One would imagine that at this juncture, Erdogan would be taking any measure possible to stimulate the tourism industry on which his economy depends. But while he’s begging the Russians to resume international flights and send planeloads of package tourists on one hand, he still can’t resist prosecuting his Muslim agenda on the other. A ban on amplified music after midnight in entertainment venues will disconcert all those Russian holidaymakers and seriously irritate secular Turks. ‘Sorry but no one has the right to disturb anyone at night’ was Erdogan’s justification for the prohibition but this doesn’t include the muezzins who are at liberty to caterwaul long into the wee small hours, exhorting – in vain – Russian clubbers and fun-loving Turks to prayer. It’s tough to revolt when you’re on your knees five times daily.

This controversial move, though, serves merely to distract the attention of the public, and the media headlines, from a far more sinister stunt: the enforced closure of Turkey’s Kurdish parliamentary party, the HDP, taken straight from Robert Mugabe’s ‘Despot’s Playbook’. It stands accused of ‘seeking to destroy the unity of the state’ although a more polarising initiative is difficult to conjure.

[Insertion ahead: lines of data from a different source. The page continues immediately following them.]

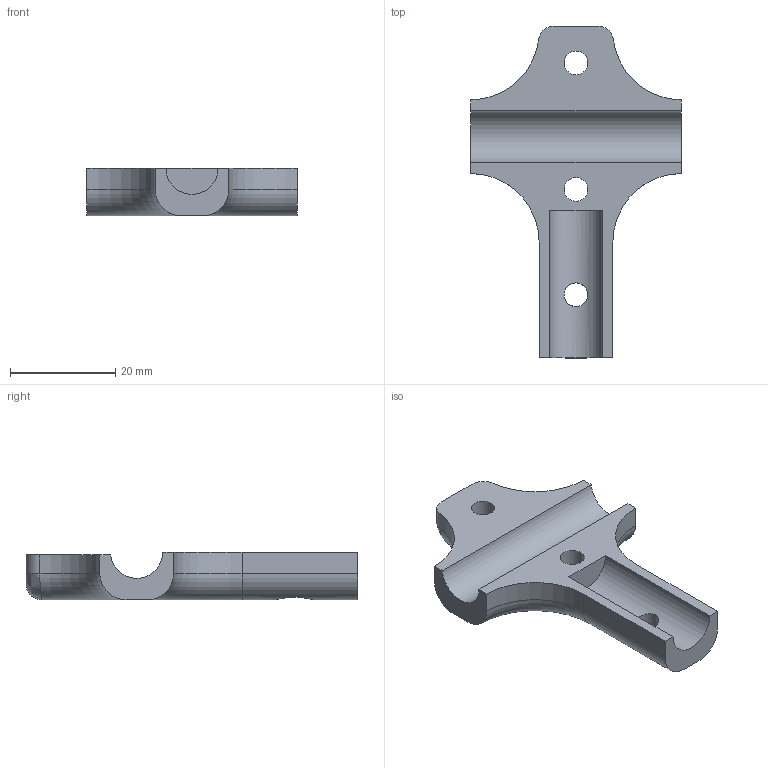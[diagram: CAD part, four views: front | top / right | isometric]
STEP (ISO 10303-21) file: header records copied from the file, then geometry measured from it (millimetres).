
FILE_DESCRIPTION((''),'2;1');
FILE_NAME('D:\Data\Documents\Studium\10.Semester\Studienarbeit\Design\Winkel Oberseite.stp','2016-07-07T12:37:42',('Fabian'),(''),'Autodesk Inventor 2013','Autodesk Inventor 2013','');
FILE_SCHEMA(('AUTOMOTIVE_DESIGN { 1 0 10303 214 1 1 1 1 }'));
Length unit declared in the file: millimetre
Products named in the file (1): Winkel Oberseite
Bounding box: 40 x 63 x 9 mm (x, y, z)
Volume: 8541 mm3; surface area: 4533.7 mm2
Topology: 1 solids, 1 shells, 41 faces, 108 edges, 68 vertices
Faces by surface type: cylinder 14, plane 11, bspline 8, torus 5, cone 3
Full cylindrical faces by diameter (mm): 4.5 x3
Entity records: 1511 total; most frequent: CARTESIAN_POINT 510, ORIENTED_EDGE 204, DIRECTION 193, EDGE_CURVE 102, AXIS2_PLACEMENT_3D 74, VERTEX_POINT 67, EDGE_LOOP 51, VECTOR 45

Commanding roughly one tenth of all votes, the HDP represents an obstacle to Erdogan and his nationalist allies forming a majority government but it’s naïve to assume these votes will be redistributed to his coalition. Kurds, even the arch-conservatives among them, will regroup around the opposition. The last party to whom they will flock is the AKP, firm allies of the nationalist MHP.

It’s difficult to see the logic of this measure taken by Erdogan. Meta-cynics could interpret it as ‘provokatsiya’, designed to goad Kurds into some kind of terrorist campaign, but I think this assumes a subtlety of which Erdogan’s strategy is patently bereft. More probably, he simply assumes he receives votes in proportion to the AKP’s overall poll ratings and/or that nationalists will be drawn towards him. More likely, the AKP receives no material uplift now but the politics of division work ultimately in his favour. Whatever the rationale, it’s a big data point in Turkey’s democratic recession.

When you see pictures of Turkey’s gluey, unspeakable ooze asphyxiating all life in the Sea of Marmara, then remember this about our metaphor: like Erdogan’s Islamofascism, the sea snot thickens mostly down in the depths and we only see what floats to the surface. ‘I can’t breathe’, sounds the sea. Turks feel the same.